"Last of Us," and "War of the Worlds" use so many similar tropes. We happen to be alternating between them in the past few weeks.
Both are #alien invasion stories, one set of aliens is from Earth (#cordyceps) and the other from a distant star system. Both modify human neurology/DNA and alter behavior. Both have a young woman who's immune to the invasive depredations. Both involve the death of the vast majority of the human population. Both are well-done and thoughtful treatments of this material. And even though they are both terribly dark and apocalyptic, both use this well-worn theme to explore what's good about humanity.

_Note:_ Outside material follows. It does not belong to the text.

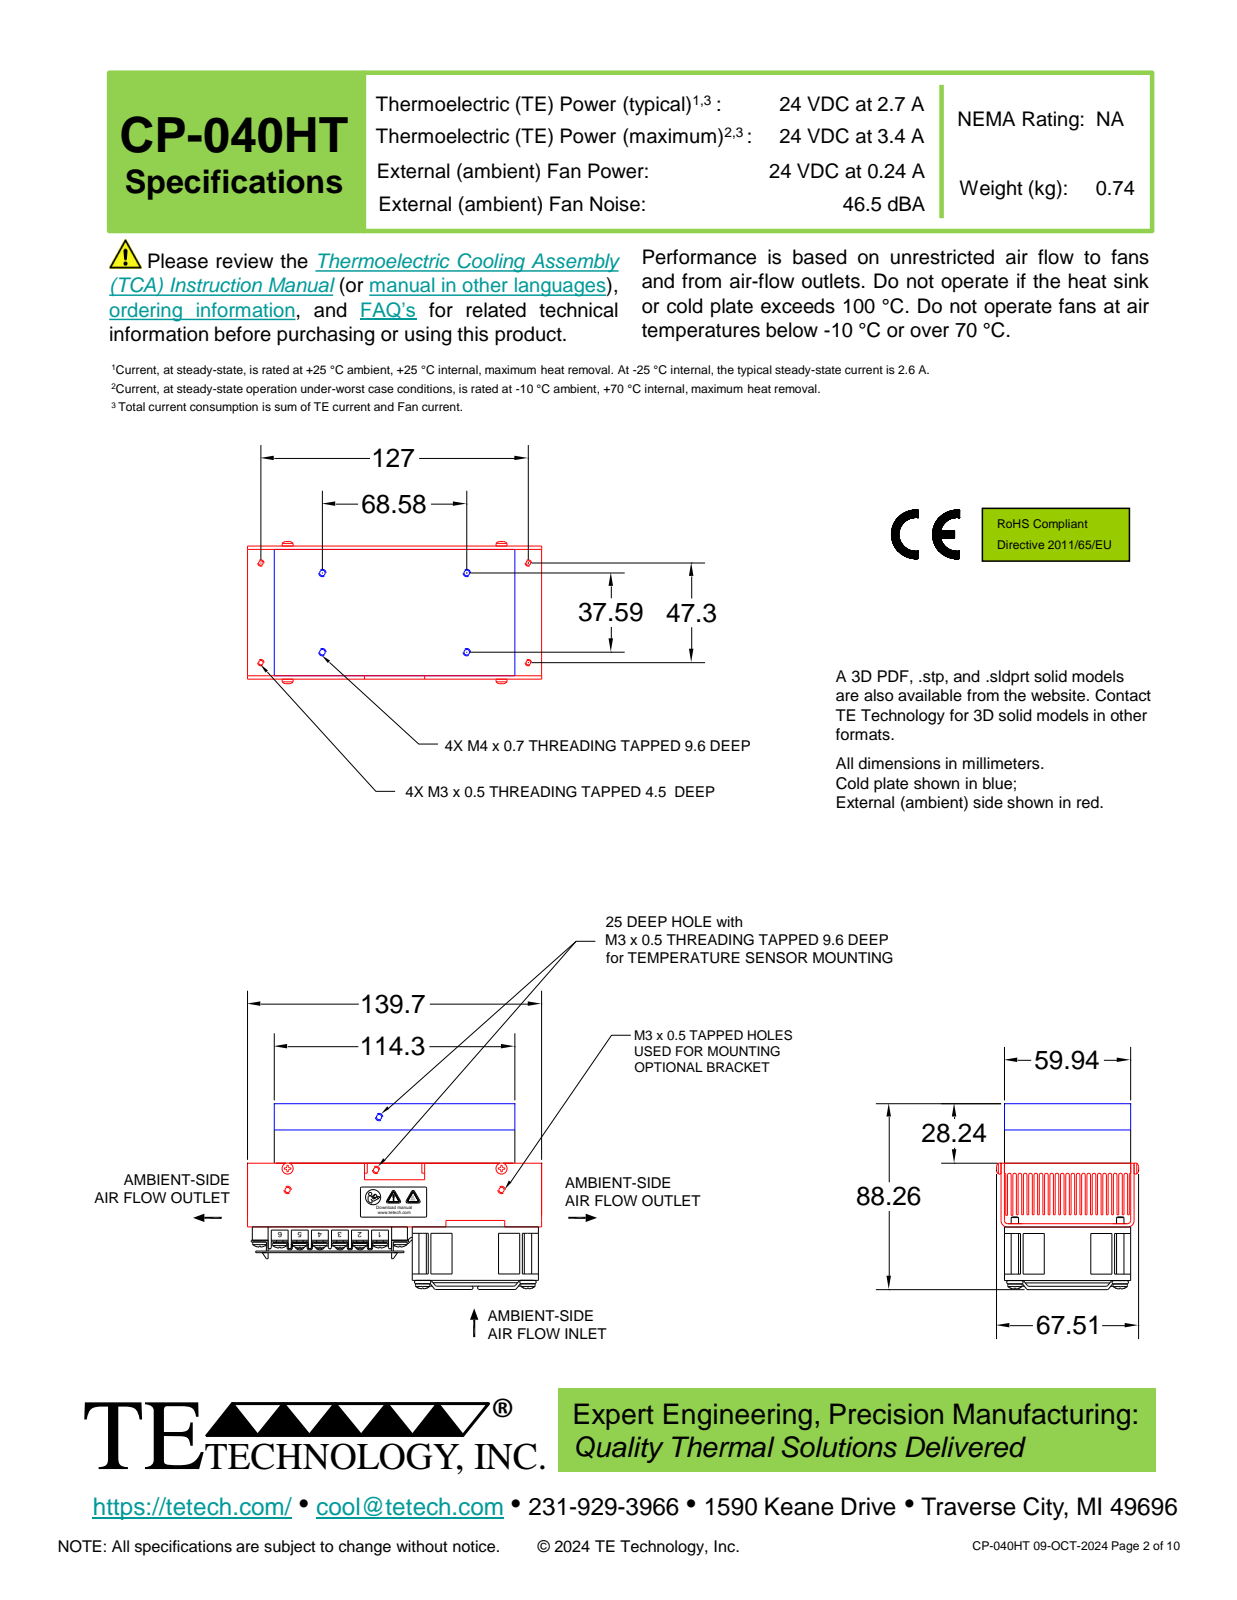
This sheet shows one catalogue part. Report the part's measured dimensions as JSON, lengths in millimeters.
{"part_name": "cold plate CP-040HT; heat sink CP-040HT; thermal pad CP-040HT; dummy 30x34x3.6 PORCH (+8 more)", "step_written_by": "Alibre (AUTOMOTIVE_DESIGN)", "units": "millimeters", "bodies": {"solids": 129, "faces": 2937, "planar": 1585, "cylindrical": 591, "other": 761}, "overall_size": [139.7, 88.6, 66.6], "volume_mm3": 339200, "surface_area_mm2": 277000, "round_holes": [[2.6, 25], [1.9, 4], [2.5, 4], [3.3, 4], [3.5, 4], [3.9, 4], [4.3, 4], [4.5, 4], [4.7, 4], [4.2, 3], [4.2, 3], [4.3, 3]], "round_bosses_or_shafts": [[3.5, 23], [6.9, 20], [1.4, 14], [1.8, 12], [1.6, 11], [9.5, 4], [4.9, 4], [3.5, 4]], "partial_cylinders_radius": [[0.3, 39], [1, 36], [0.7, 25], [1, 21], [0.8, 16], [0.3, 11], [0.4, 8], [0.8, 8]], "face_to_face_distances": [2.5, 5, 7.4, 9.9, 12.4, 34.7, 14.9, 37.2, 32.2, 17.3], "hole_center_spacings": [7.9, 19.1, 20.6, 50, 9.5, 12.3, 20.4, 29.6]}

I do wish we had more films and TV series that didn't succumb to the tempting narrative that humanity is #doomed.
Where are the stories that celebrate humans finding a way through our current troubles?
And I'm not talking about Star Trek.
#StarTrek is too easy. A mid 21st century nuclear war is hand-waved away as the catalyst that finally got humans to cooperate globally and establish contact with galactic civilization.
Bullshit x 1,000!
That's a calamity that in the Star Trek timeline is still looming ahead of us, and there's probably a 0.0001% chance that we'd survive such a calamity with any capacity for building spaceships or doing anything but savagely killing off the remaining survivors, as humans have always done.
If there is any hope for us, it's in the survival of our institutions. And above all the celebration of learning and accountability. Instead we're moving quickly in the opposite direction.
Two problems with cinematic apocalypses:
1) They distract from the reality that humans are their own worst enemy. We're far more likely to destroy ourselves than be conquered by aliens or fungus.
2) If we envision apocalyptic futures, that's what we expect and subconsciously it becomes a self-fulfilling prophecy. Think of how much the general population recoils from any near-future portrayal of a good society.
Positive futures are cynically tarred by critics as "#utopias" meaning "no place" or "things that don't happen." Try to imagine a popular film or TV franchise where the robots are good and helpful, and don't have an agenda to secretly try to kill or manipulate you. Try to imagine one where governments and authorities are the good guys and we can trust them and we hold them accountable. Try to imagine actually solving climate change, cooling the Earth and replenishing the environment.
You can't.
Because those futures have been stolen from us. Not just by the #feudalists and #oligarchs, but also by the world's creative community. Who've signed on to every aspect of dystopia, rather than being truly bold to step out on a limb to show humanity fulfilling its positive potential.
We're drawn to stories about extreme #doom because we're scared of what we're actually facing in the real world. At least if we imagine a worst-case future apocalypse, we won't be disappointed by anything short of that.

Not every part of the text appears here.